Everyone who deals with data should have heard of the term “dirty data”. Dirty data takes away the integrity of the dataset. Some characteristics of dirty data are incomplete, inaccurate, inconsistent and duplicated data.
Incomplete data is when some essential features are empty. For example, let’s say your task is to predict house prices. Let us assume that the “area of the house” is critical to make a good prediction, but it’s missing. That might be challenging for you and your model might not perform well.
Inaccurate and inconsistent data is when the values are technically correct, but wrong based on the context. For example, when an employee changed his address, and it wasn’t updated. Or when there are many copies of the data and the data scientist got an outdated version.
Duplicate data is a common problem. Let me share with you a story that has happened to me while working in an e-commerce company. By design, when a visitor clicked on a “collect voucher” button, the website sent a response to the server. This allowed us to measure the number of users who have collected vouchers.

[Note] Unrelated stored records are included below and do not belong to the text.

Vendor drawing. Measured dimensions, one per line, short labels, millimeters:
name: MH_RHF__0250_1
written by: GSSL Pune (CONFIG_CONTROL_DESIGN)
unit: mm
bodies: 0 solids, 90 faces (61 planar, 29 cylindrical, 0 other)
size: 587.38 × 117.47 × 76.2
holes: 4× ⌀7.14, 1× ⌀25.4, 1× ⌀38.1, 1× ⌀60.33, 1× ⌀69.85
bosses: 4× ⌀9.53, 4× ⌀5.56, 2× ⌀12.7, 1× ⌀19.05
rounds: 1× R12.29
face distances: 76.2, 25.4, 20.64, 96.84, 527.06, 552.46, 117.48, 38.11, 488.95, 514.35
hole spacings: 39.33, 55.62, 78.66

The site was running well, until one day something has changed and I didn’t know about it. The frontend developer added another response for when someone collected vouchers successfully. The rationale was that some vouchers could be out of stock. They wanted to track visitors who clicked on the button and those who have collected the vouchers.
At that point, two responses were sent to the same log table. Looking at my reporting tool, the number of vouchers collected seemed to have doubled overnight! As I had deployed a model the day before, I assumed that my new model was just that impressive. I remember giving a mental standing ovation to my little model, but later, I realised it was just double counting.
Also, in the last five years as a data scientist, some of the data I’ve received are manual entries by corporate staff. These data are in Excel spreadsheets; many are inaccurate, incomplete, and inconsistent.
Whether the data comes from manual human input or machine logs, data wrangling is a large part of what happens in the real world. Data scientists have to deal with it. For supervised learning to work, we need reliable, labelled data. You can’t build a predictive model unless the data are correctly labelled. But nobody likes labelling data.
Many describe this as the 80/20 rule. Data scientists spend only 20 percent of their time on building models and the other 80 percent gathering, analysing, cleaning, and reorganising data. Dirty data is the most time-consuming aspect of the typical data scientist’s work.
It’s necessary to point out that data cleaning is incredibly essential; messy data won’t produce good results. You might have heard the phrase, “garbage in, garbage out”.
Data scientists do make discoveries while swimming in data, but before data scientists can start training any models, they must first become data janitors. The data needs cleaning, the data needs labelling.